RECORDED INFORMATION:
-- Opening Marker --

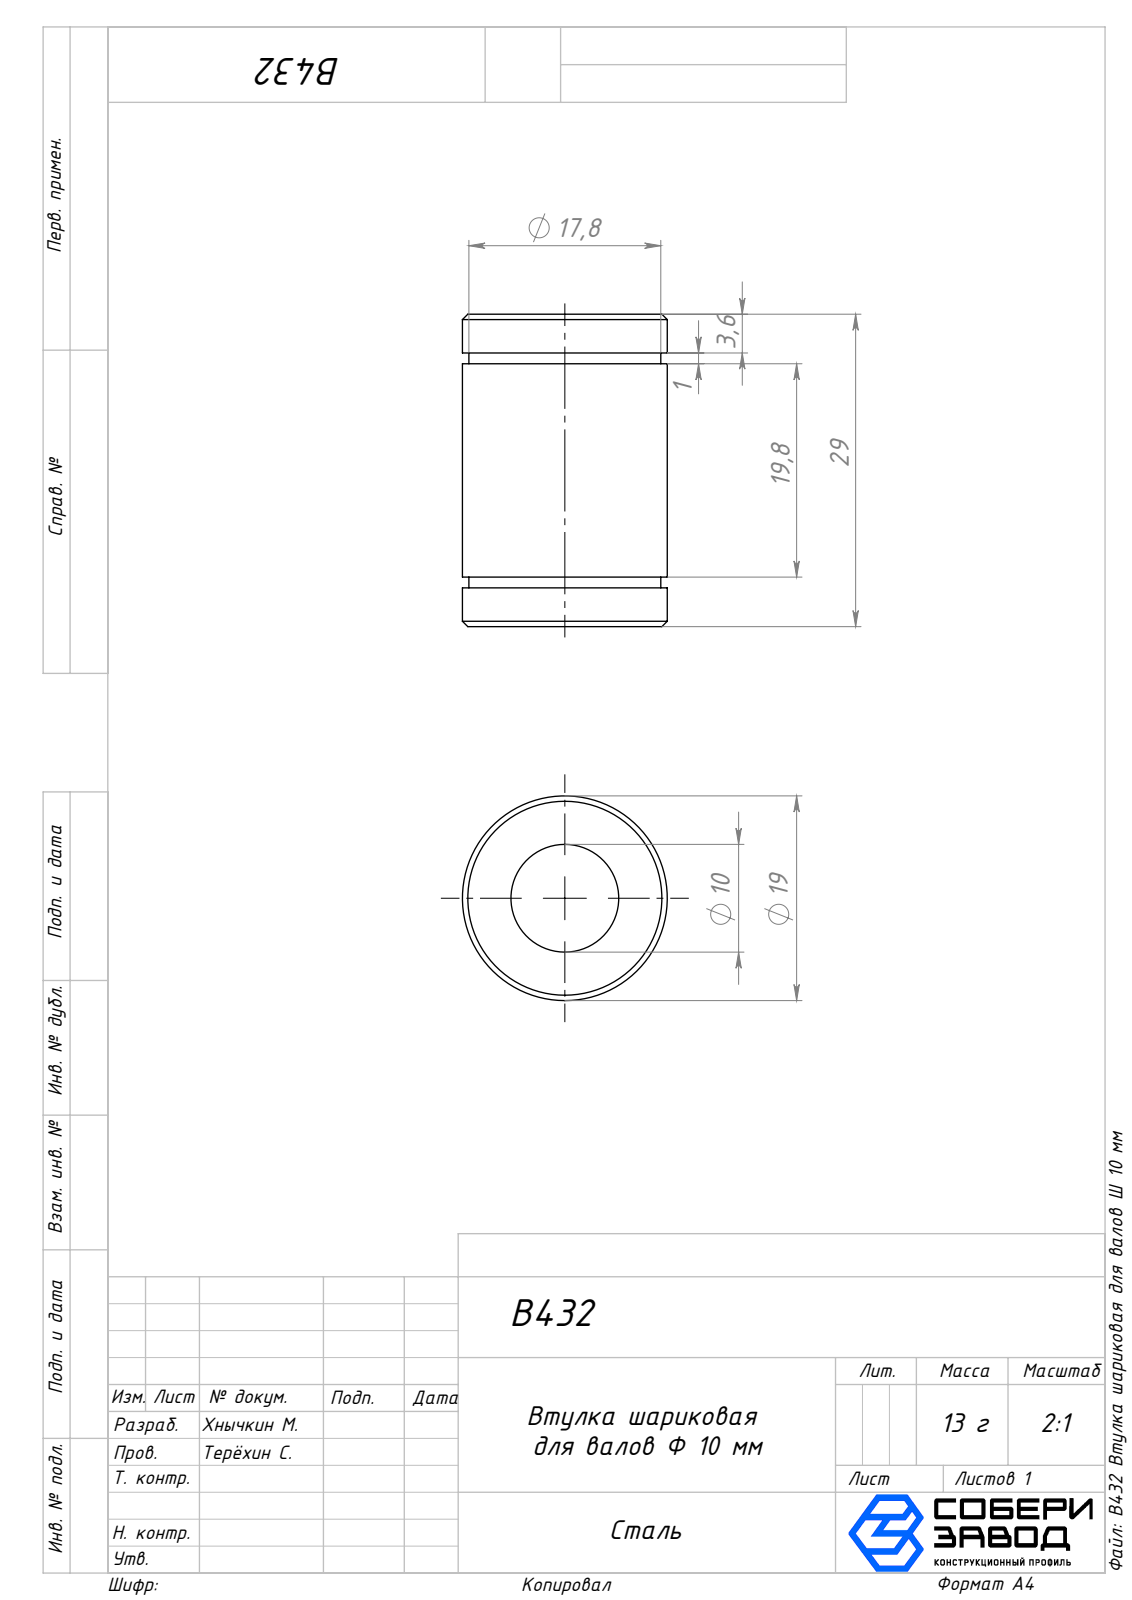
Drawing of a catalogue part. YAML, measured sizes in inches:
part_name: "B432 Втулка шариковая для валов Ø 10 мм"
step_written_by: "SolidWorks 2025 (AUTOMOTIVE_DESIGN)"
units: inches
bodies: {solids: 1, faces: 22, planar: 6, cylindrical: 12, other: 4}
overall_size: [1.142, 0.748, 0.748]
volume: 0.358
surface_area: 4.879
round_holes:
  - {diameter: 0.394, count: 1}
round_bosses_or_shafts:
  - {diameter: 0.748, count: 1}
  - {diameter: 0.701, count: 1}
face_to_face_distances: [1.142, 0.142, 1, 0.181, 0.961, 0.039, 0.819, 0.858, 0.78]
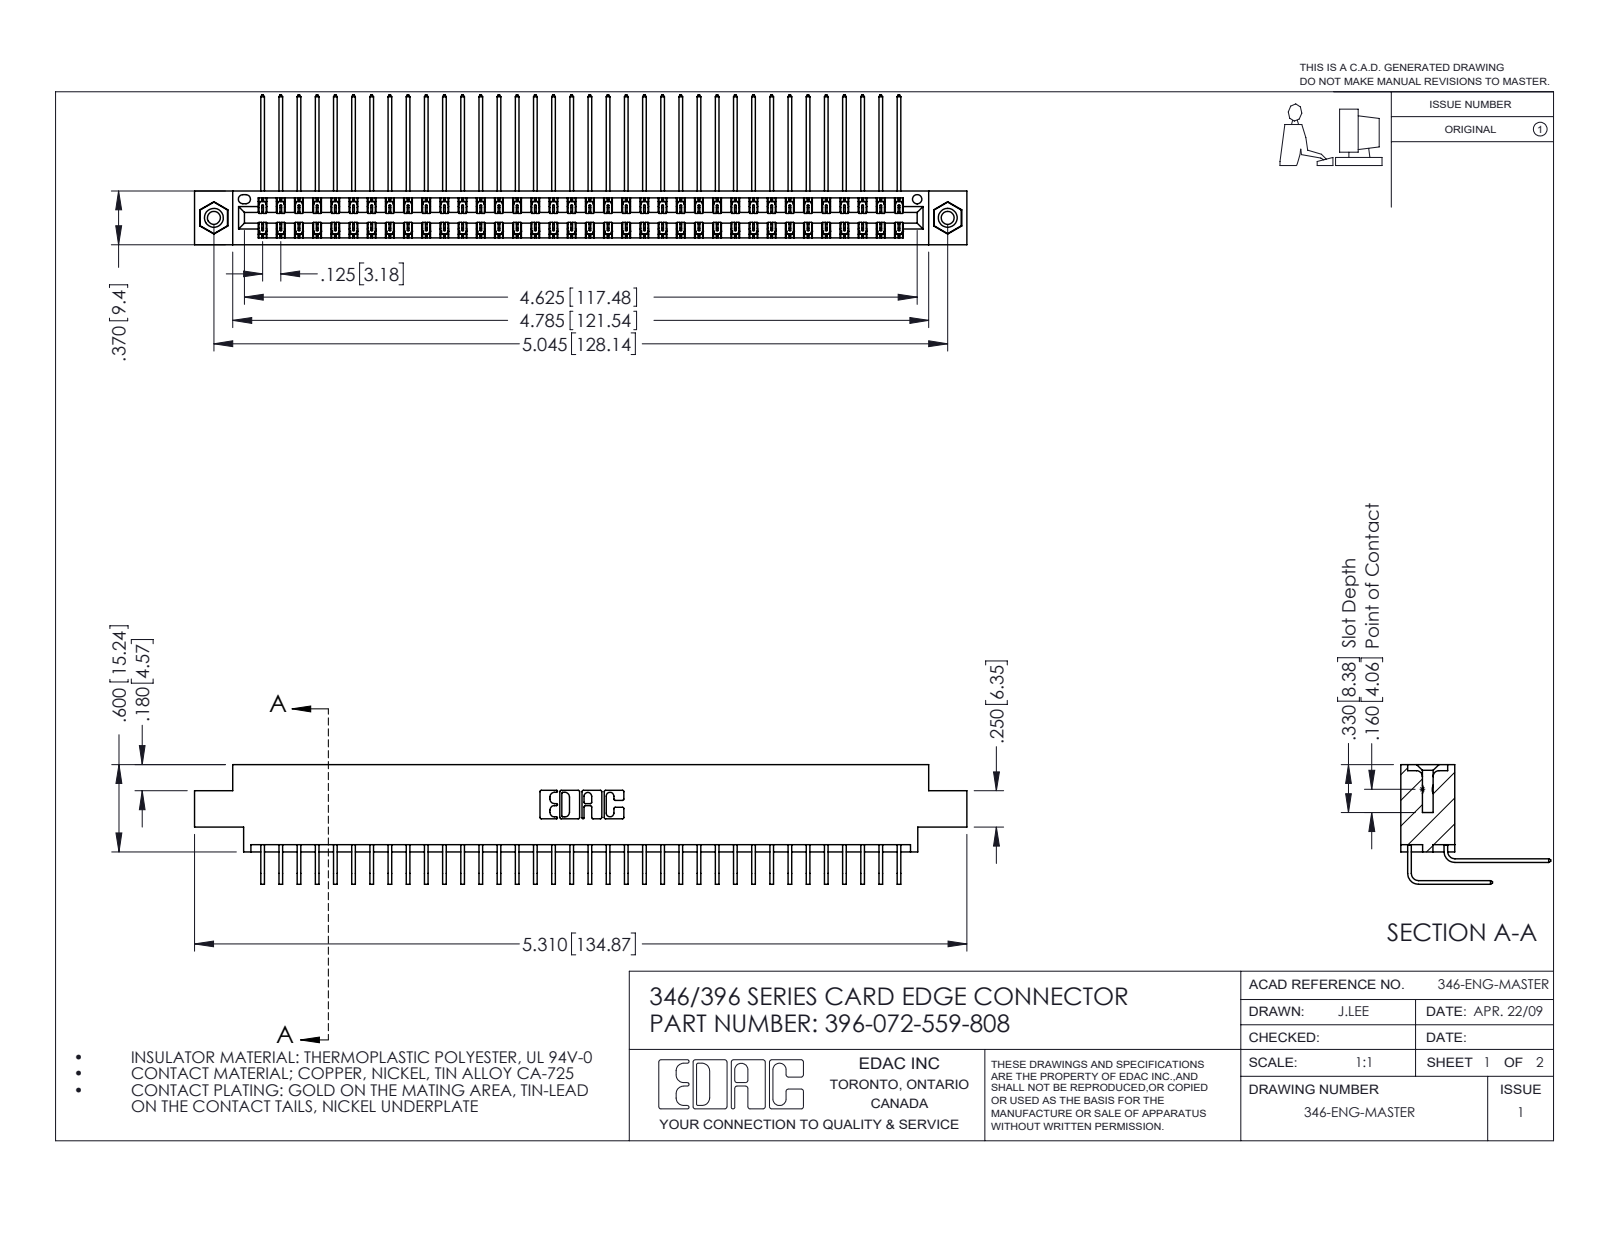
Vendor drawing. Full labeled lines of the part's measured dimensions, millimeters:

-- Closing Marker --

TASK OBJECTIVE:
Copy every record above exactly, leaving out any pictures.

REPLY:
Drawing of a catalogue part. YAML, measured sizes in inches:
part_name: "B432 Втулка шариковая для валов Ø 10 мм"
step_written_by: "SolidWorks 2025 (AUTOMOTIVE_DESIGN)"
units: inches
bodies: {solids: 1, faces: 22, planar: 6, cylindrical: 12, other: 4}
overall_size: [1.142, 0.748, 0.748]
volume: 0.358
surface_area: 4.879
round_holes:
  - {diameter: 0.394, count: 1}
round_bosses_or_shafts:
  - {diameter: 0.748, count: 1}
  - {diameter: 0.701, count: 1}
face_to_face_distances: [1.142, 0.142, 1, 0.181, 0.961, 0.039, 0.819, 0.858, 0.78]
Vendor drawing. Full labeled lines of the part's measured dimensions, millimeters:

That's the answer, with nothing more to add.